DD: You’ve just discontinued playing a cop, why do you want to play another one?

RH: I think that we’re talking about an actual patrolman versus a detective. I think the characters are different. If you look at Lincoln Heights and you look at Grimm, the shows are apples and oranges. This is a totally different character in another world that is a bit darker. It’s real, real in a different way than Lincoln Heights was.  In this, things don’t always end positively. My character is going to act and react accordingly.

Russell Hornsby

DD: What was the appeal of this character?

RH: I think taking the spiritual aspect and how committed they are to telling real stories. We can live in a fantasy world, but we can delve and deal with some real issues. That was the appeal.

DD: You own the stage. What does stage give you that tv doesn’t and what does tv give you that stage doesn’t?

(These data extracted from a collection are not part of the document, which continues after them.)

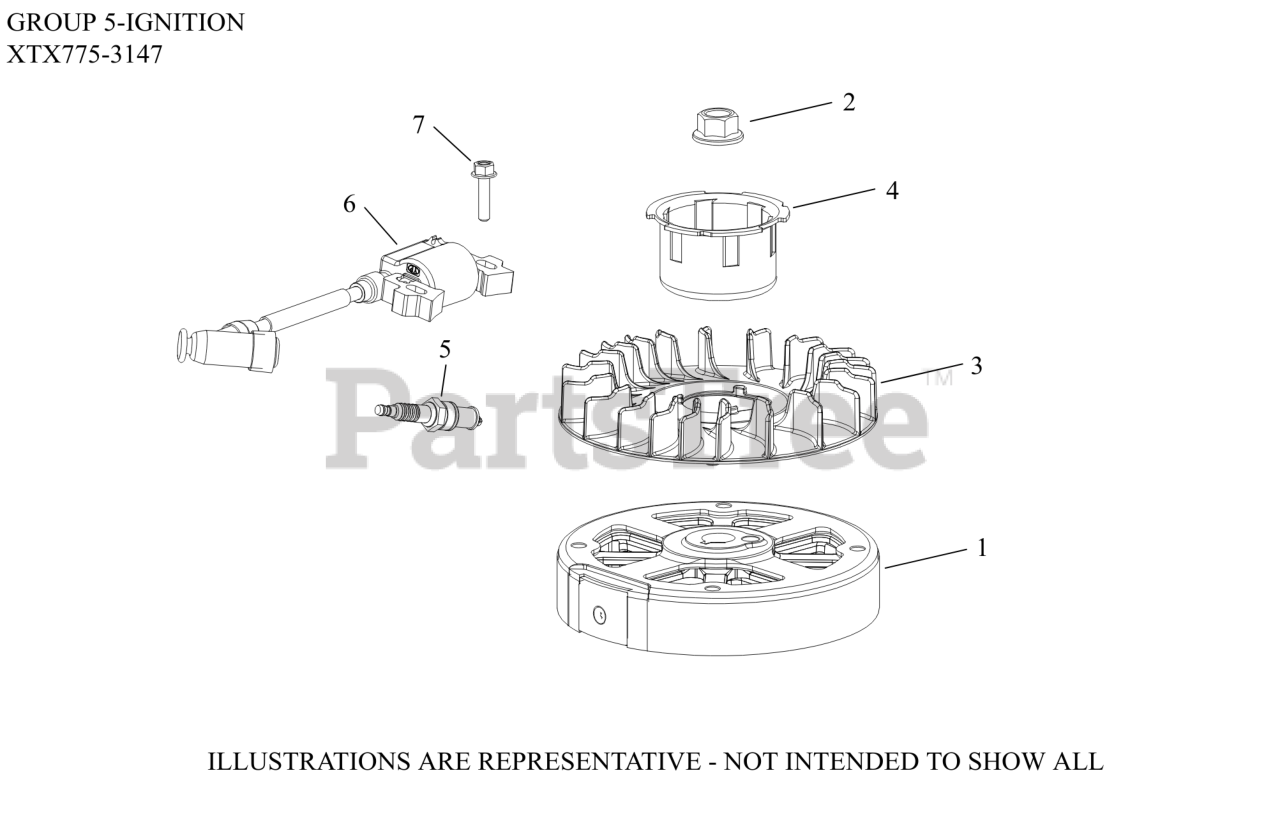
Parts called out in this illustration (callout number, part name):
1	FLYWHEEL ASSEMBLY
2	NUT, FLYWHEEL (W/SERRATIONS)
3	FAN, FLYWHEEL
4	CUP, STARTER DRIVE
5	PLUG SPARK 12MM RFI
6	MODULE IGN (#1458416S)
7	SCREW, M6 X 25-(#25086436S)

RH: I think that stage, especially the roles I’ve done, which is mostly August Wilson, I’m speaking of my people for my people and by my people. I’m speaking in a spirit and vernacular and energy that I know. They’re my folks.  That spirit is in me, so I can express myself without any hindrance. I can live it out loud. It’s pure. That’s what the stage is to me. I can be as loud and or soft as I want, vulnerable. TV is different because you have to fit yourself in a box. There are parameters you have to fill. The characters aren’t always as three dimensional. There isn’t the same detail in a backstory. Your scope and take is different.   Whereas in theater I can do that.

DD: A lot of actors aren’t working. You seem to work all the time.

RH: I’m going in the direction my blood beats. This is a calling now. I’m not the greatest actor or smartest, but I know what I love to do and I know what I’m good at. I am in possession of a talent – that’s why I continue to work.

DD: Sounds like you’re blessed.

RH: I’m blessed, but you have to be in possession of talent. You can’t work 14 years without being in the possession of talent. This is what I love to do. I think I’m good at it.  I have a tireless dedication. This is my job. Acting is cathartic. Acting is therapy.

DD: Why should we watch your show?

RH: We’ve created an original concept. It’s going to be fun, smart and witty. It’ll be dramatic and action-filled. Tune in. You’ve got to give it a shot.